**What to work on:** All of the data must be output exactly, with every picture left out.

──────── Input data ────────

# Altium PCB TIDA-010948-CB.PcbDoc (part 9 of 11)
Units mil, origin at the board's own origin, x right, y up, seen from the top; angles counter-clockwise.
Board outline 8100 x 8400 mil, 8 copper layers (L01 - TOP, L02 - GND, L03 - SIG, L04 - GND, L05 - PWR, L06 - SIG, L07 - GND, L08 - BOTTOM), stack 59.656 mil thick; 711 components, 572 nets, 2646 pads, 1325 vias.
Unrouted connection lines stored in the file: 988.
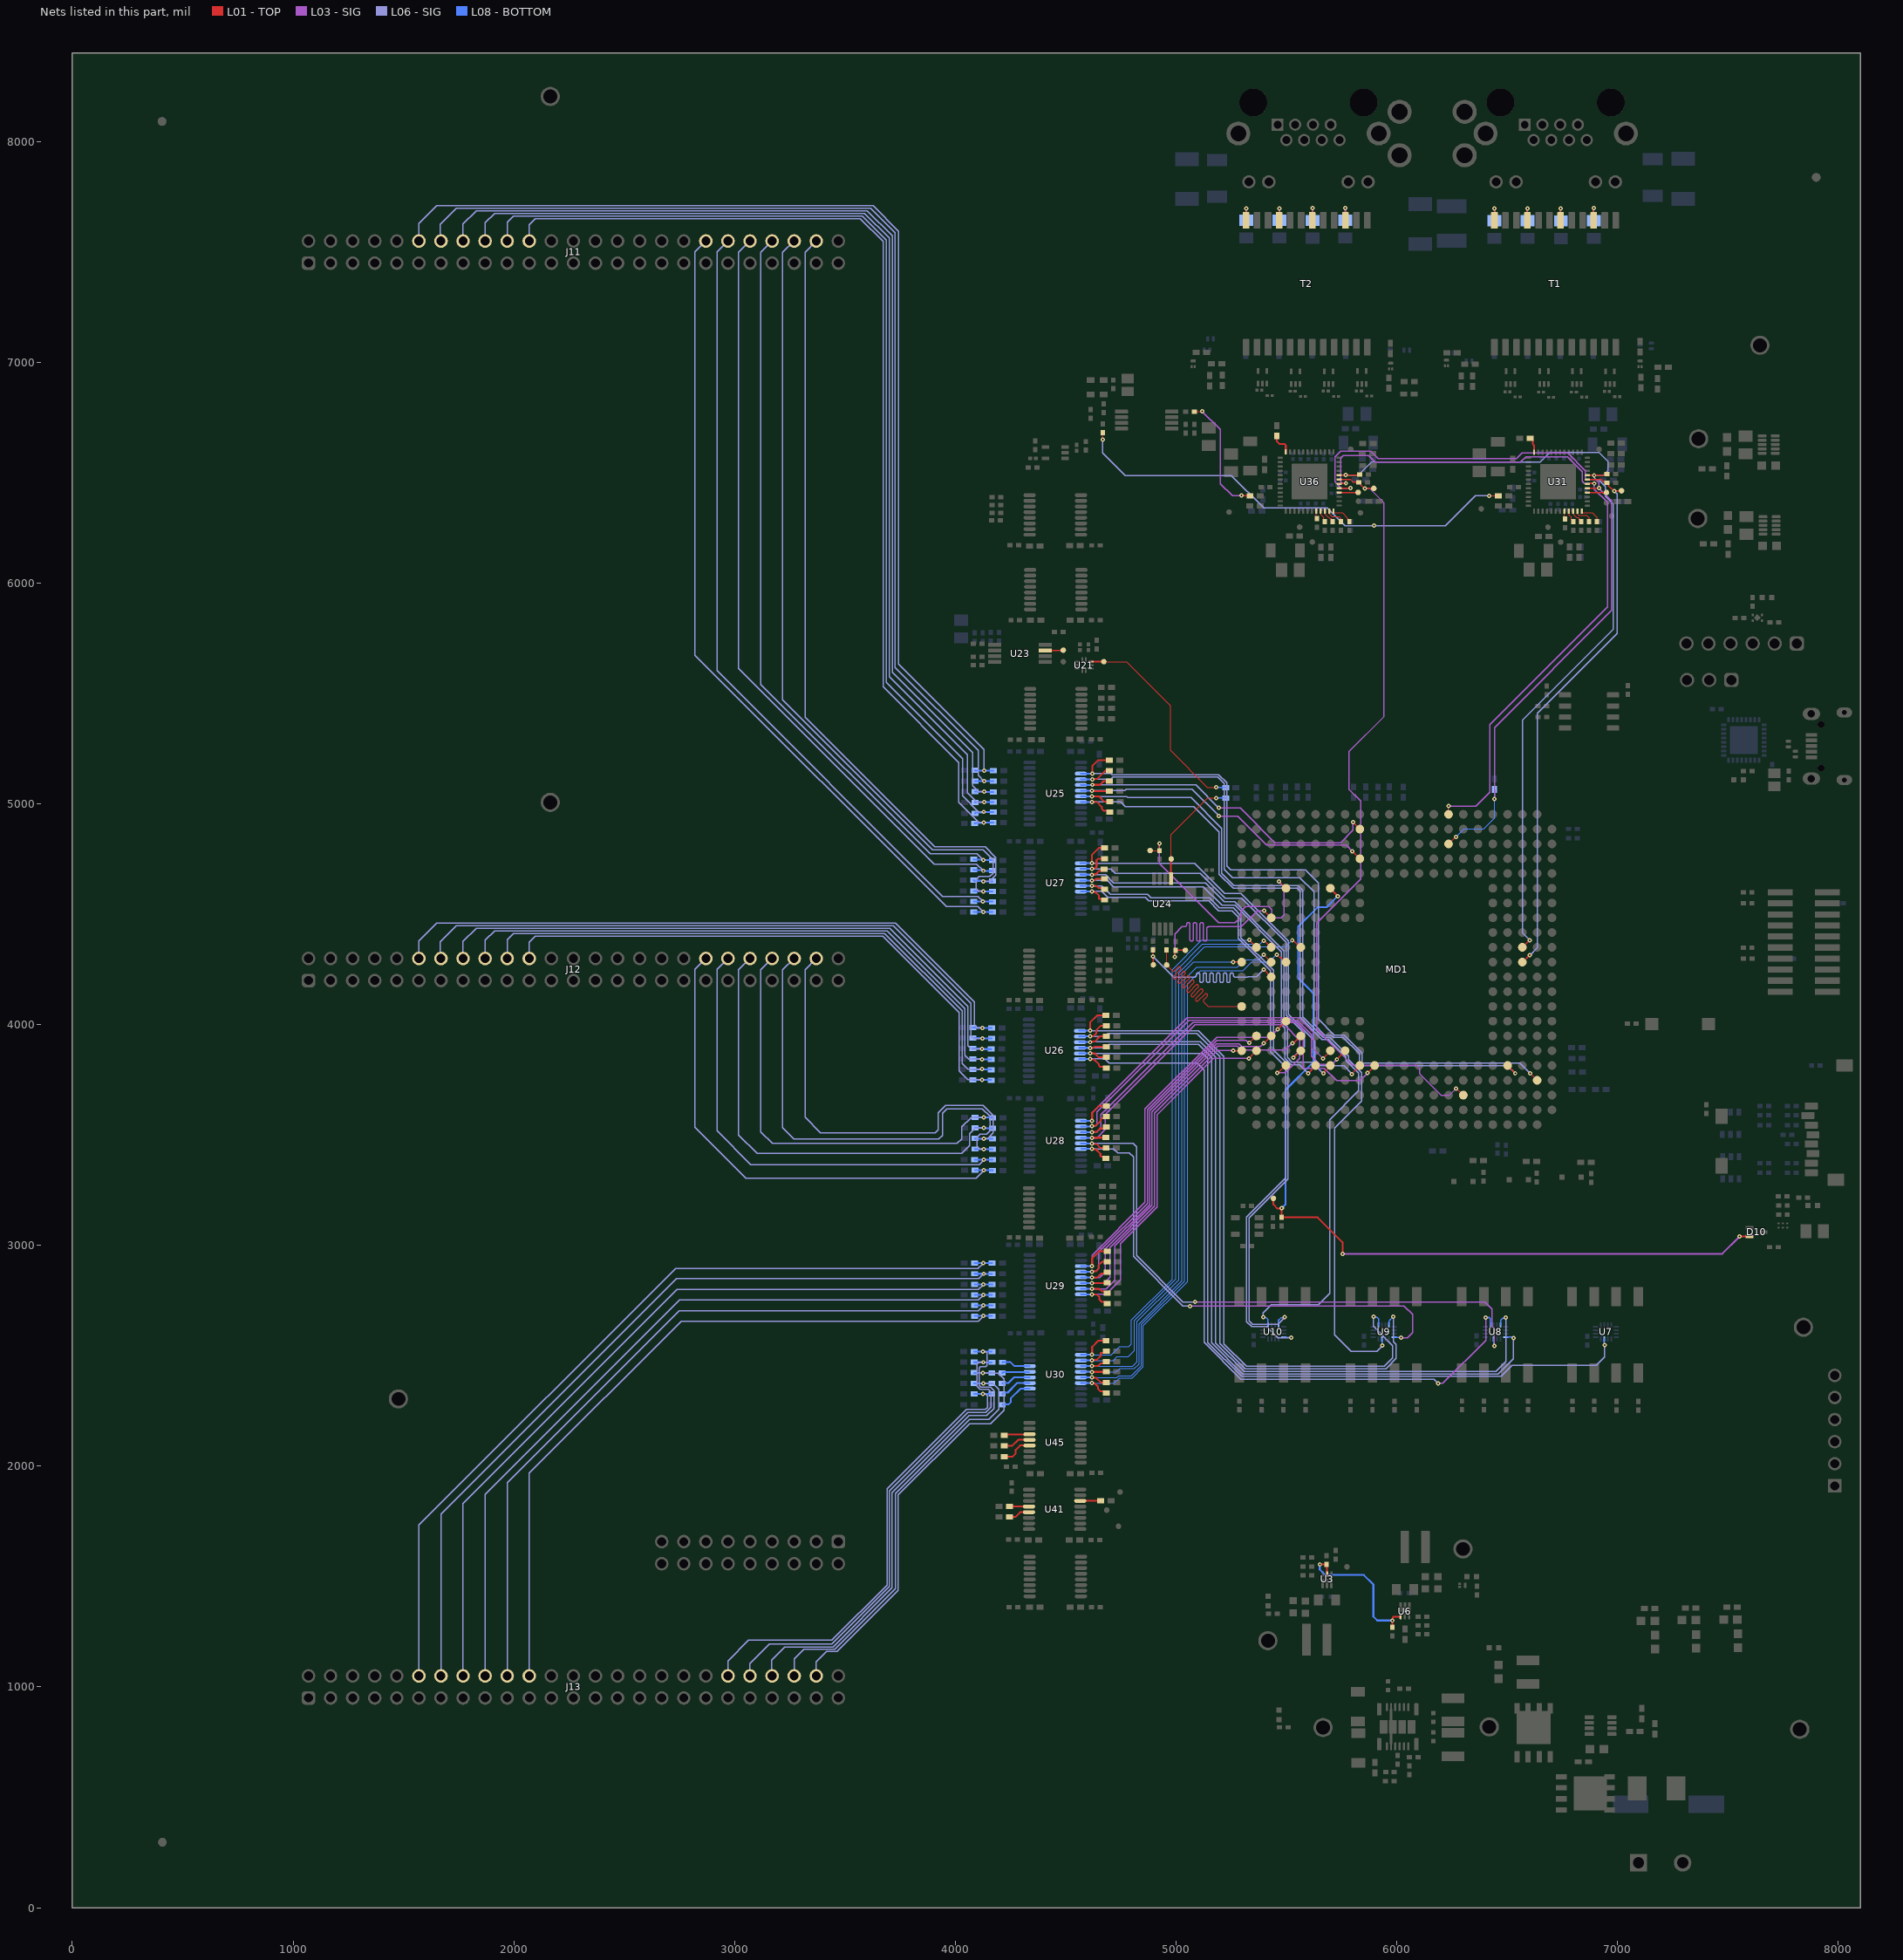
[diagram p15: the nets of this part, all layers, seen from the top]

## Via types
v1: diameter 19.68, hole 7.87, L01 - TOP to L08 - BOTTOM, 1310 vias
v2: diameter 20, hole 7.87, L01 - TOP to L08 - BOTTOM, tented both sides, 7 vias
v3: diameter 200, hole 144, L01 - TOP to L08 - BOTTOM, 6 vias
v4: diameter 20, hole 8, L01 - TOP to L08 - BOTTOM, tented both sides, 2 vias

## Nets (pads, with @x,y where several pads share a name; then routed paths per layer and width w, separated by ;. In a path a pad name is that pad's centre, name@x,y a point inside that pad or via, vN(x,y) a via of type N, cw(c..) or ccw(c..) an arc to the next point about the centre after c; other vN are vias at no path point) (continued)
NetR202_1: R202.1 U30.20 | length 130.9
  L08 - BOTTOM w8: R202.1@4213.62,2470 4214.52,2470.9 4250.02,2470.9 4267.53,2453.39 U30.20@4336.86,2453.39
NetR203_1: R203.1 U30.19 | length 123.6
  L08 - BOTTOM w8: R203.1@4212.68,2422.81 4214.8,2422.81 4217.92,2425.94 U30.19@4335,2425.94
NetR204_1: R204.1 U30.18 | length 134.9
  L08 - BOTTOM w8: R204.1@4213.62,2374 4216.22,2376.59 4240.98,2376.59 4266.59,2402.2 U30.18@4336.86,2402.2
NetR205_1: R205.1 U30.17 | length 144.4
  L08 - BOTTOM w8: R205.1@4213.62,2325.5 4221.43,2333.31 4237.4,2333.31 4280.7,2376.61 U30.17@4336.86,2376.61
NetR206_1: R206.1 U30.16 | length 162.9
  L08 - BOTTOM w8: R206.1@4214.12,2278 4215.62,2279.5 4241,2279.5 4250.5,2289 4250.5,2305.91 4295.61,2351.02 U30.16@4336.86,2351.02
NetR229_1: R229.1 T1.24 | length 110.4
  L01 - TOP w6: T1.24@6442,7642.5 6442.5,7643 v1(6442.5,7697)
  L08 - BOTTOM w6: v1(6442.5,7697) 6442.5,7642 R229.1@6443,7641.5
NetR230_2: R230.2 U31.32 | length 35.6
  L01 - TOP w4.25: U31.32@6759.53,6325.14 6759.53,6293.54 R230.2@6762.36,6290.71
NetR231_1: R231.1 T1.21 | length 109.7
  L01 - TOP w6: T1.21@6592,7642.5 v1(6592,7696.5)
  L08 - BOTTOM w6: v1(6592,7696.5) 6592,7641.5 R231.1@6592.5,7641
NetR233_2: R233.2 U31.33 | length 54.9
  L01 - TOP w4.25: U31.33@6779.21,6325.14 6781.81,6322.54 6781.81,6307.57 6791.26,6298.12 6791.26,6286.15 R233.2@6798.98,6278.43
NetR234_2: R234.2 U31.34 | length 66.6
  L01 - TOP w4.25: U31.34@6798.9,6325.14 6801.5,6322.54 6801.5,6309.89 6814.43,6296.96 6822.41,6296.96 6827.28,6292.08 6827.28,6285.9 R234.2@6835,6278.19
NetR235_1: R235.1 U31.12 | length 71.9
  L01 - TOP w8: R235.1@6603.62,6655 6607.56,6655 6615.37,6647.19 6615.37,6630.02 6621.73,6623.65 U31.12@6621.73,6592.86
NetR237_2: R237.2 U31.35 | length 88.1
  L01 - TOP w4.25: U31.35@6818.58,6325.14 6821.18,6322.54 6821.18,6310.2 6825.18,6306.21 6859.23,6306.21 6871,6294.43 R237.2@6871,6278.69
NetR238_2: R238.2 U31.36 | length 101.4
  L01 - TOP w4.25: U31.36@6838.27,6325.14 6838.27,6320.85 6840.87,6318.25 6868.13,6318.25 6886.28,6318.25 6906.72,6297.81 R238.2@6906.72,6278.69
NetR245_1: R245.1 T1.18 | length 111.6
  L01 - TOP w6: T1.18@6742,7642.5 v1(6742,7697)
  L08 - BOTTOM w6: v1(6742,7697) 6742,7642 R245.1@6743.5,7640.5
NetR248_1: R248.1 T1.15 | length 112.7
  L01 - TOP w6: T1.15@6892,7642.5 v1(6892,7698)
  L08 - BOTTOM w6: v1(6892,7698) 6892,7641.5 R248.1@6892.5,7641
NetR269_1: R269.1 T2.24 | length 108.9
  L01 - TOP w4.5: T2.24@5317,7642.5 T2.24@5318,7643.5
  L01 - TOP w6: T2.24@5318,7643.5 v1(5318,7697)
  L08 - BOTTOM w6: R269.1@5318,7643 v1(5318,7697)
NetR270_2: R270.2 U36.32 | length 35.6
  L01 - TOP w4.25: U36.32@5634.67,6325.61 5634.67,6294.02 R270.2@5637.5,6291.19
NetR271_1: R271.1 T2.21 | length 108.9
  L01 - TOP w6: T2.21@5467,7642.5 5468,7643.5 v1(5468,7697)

────────

**Exercise answer:**
# Altium PCB TIDA-010948-CB.PcbDoc (part 9 of 11)
Units mil, origin at the board's own origin, x right, y up, seen from the top; angles counter-clockwise.
Board outline 8100 x 8400 mil, 8 copper layers (L01 - TOP, L02 - GND, L03 - SIG, L04 - GND, L05 - PWR, L06 - SIG, L07 - GND, L08 - BOTTOM), stack 59.656 mil thick; 711 components, 572 nets, 2646 pads, 1325 vias.
Unrouted connection lines stored in the file: 988.
[diagram p15: the nets of this part, all layers, seen from the top]

## Via types
v1: diameter 19.68, hole 7.87, L01 - TOP to L08 - BOTTOM, 1310 vias
v2: diameter 20, hole 7.87, L01 - TOP to L08 - BOTTOM, tented both sides, 7 vias
v3: diameter 200, hole 144, L01 - TOP to L08 - BOTTOM, 6 vias
v4: diameter 20, hole 8, L01 - TOP to L08 - BOTTOM, tented both sides, 2 vias

## Nets (pads, with @x,y where several pads share a name; then routed paths per layer and width w, separated by ;. In a path a pad name is that pad's centre, name@x,y a point inside that pad or via, vN(x,y) a via of type N, cw(c..) or ccw(c..) an arc to the next point about the centre after c; other vN are vias at no path point) (continued)
NetR202_1: R202.1 U30.20 | length 130.9
  L08 - BOTTOM w8: R202.1@4213.62,2470 4214.52,2470.9 4250.02,2470.9 4267.53,2453.39 U30.20@4336.86,2453.39
NetR203_1: R203.1 U30.19 | length 123.6
  L08 - BOTTOM w8: R203.1@4212.68,2422.81 4214.8,2422.81 4217.92,2425.94 U30.19@4335,2425.94
NetR204_1: R204.1 U30.18 | length 134.9
  L08 - BOTTOM w8: R204.1@4213.62,2374 4216.22,2376.59 4240.98,2376.59 4266.59,2402.2 U30.18@4336.86,2402.2
NetR205_1: R205.1 U30.17 | length 144.4
  L08 - BOTTOM w8: R205.1@4213.62,2325.5 4221.43,2333.31 4237.4,2333.31 4280.7,2376.61 U30.17@4336.86,2376.61
NetR206_1: R206.1 U30.16 | length 162.9
  L08 - BOTTOM w8: R206.1@4214.12,2278 4215.62,2279.5 4241,2279.5 4250.5,2289 4250.5,2305.91 4295.61,2351.02 U30.16@4336.86,2351.02
NetR229_1: R229.1 T1.24 | length 110.4
  L01 - TOP w6: T1.24@6442,7642.5 6442.5,7643 v1(6442.5,7697)
  L08 - BOTTOM w6: v1(6442.5,7697) 6442.5,7642 R229.1@6443,7641.5
NetR230_2: R230.2 U31.32 | length 35.6
  L01 - TOP w4.25: U31.32@6759.53,6325.14 6759.53,6293.54 R230.2@6762.36,6290.71
NetR231_1: R231.1 T1.21 | length 109.7
  L01 - TOP w6: T1.21@6592,7642.5 v1(6592,7696.5)
  L08 - BOTTOM w6: v1(6592,7696.5) 6592,7641.5 R231.1@6592.5,7641
NetR233_2: R233.2 U31.33 | length 54.9
  L01 - TOP w4.25: U31.33@6779.21,6325.14 6781.81,6322.54 6781.81,6307.57 6791.26,6298.12 6791.26,6286.15 R233.2@6798.98,6278.43
NetR234_2: R234.2 U31.34 | length 66.6
  L01 - TOP w4.25: U31.34@6798.9,6325.14 6801.5,6322.54 6801.5,6309.89 6814.43,6296.96 6822.41,6296.96 6827.28,6292.08 6827.28,6285.9 R234.2@6835,6278.19
NetR235_1: R235.1 U31.12 | length 71.9
  L01 - TOP w8: R235.1@6603.62,6655 6607.56,6655 6615.37,6647.19 6615.37,6630.02 6621.73,6623.65 U31.12@6621.73,6592.86
NetR237_2: R237.2 U31.35 | length 88.1
  L01 - TOP w4.25: U31.35@6818.58,6325.14 6821.18,6322.54 6821.18,6310.2 6825.18,6306.21 6859.23,6306.21 6871,6294.43 R237.2@6871,6278.69
NetR238_2: R238.2 U31.36 | length 101.4
  L01 - TOP w4.25: U31.36@6838.27,6325.14 6838.27,6320.85 6840.87,6318.25 6868.13,6318.25 6886.28,6318.25 6906.72,6297.81 R238.2@6906.72,6278.69
NetR245_1: R245.1 T1.18 | length 111.6
  L01 - TOP w6: T1.18@6742,7642.5 v1(6742,7697)
  L08 - BOTTOM w6: v1(6742,7697) 6742,7642 R245.1@6743.5,7640.5
NetR248_1: R248.1 T1.15 | length 112.7
  L01 - TOP w6: T1.15@6892,7642.5 v1(6892,7698)
  L08 - BOTTOM w6: v1(6892,7698) 6892,7641.5 R248.1@6892.5,7641
NetR269_1: R269.1 T2.24 | length 108.9
  L01 - TOP w4.5: T2.24@5317,7642.5 T2.24@5318,7643.5
  L01 - TOP w6: T2.24@5318,7643.5 v1(5318,7697)
  L08 - BOTTOM w6: R269.1@5318,7643 v1(5318,7697)
NetR270_2: R270.2 U36.32 | length 35.6
  L01 - TOP w4.25: U36.32@5634.67,6325.61 5634.67,6294.02 R270.2@5637.5,6291.19
NetR271_1: R271.1 T2.21 | length 108.9
  L01 - TOP w6: T2.21@5467,7642.5 5468,7643.5 v1(5468,7697)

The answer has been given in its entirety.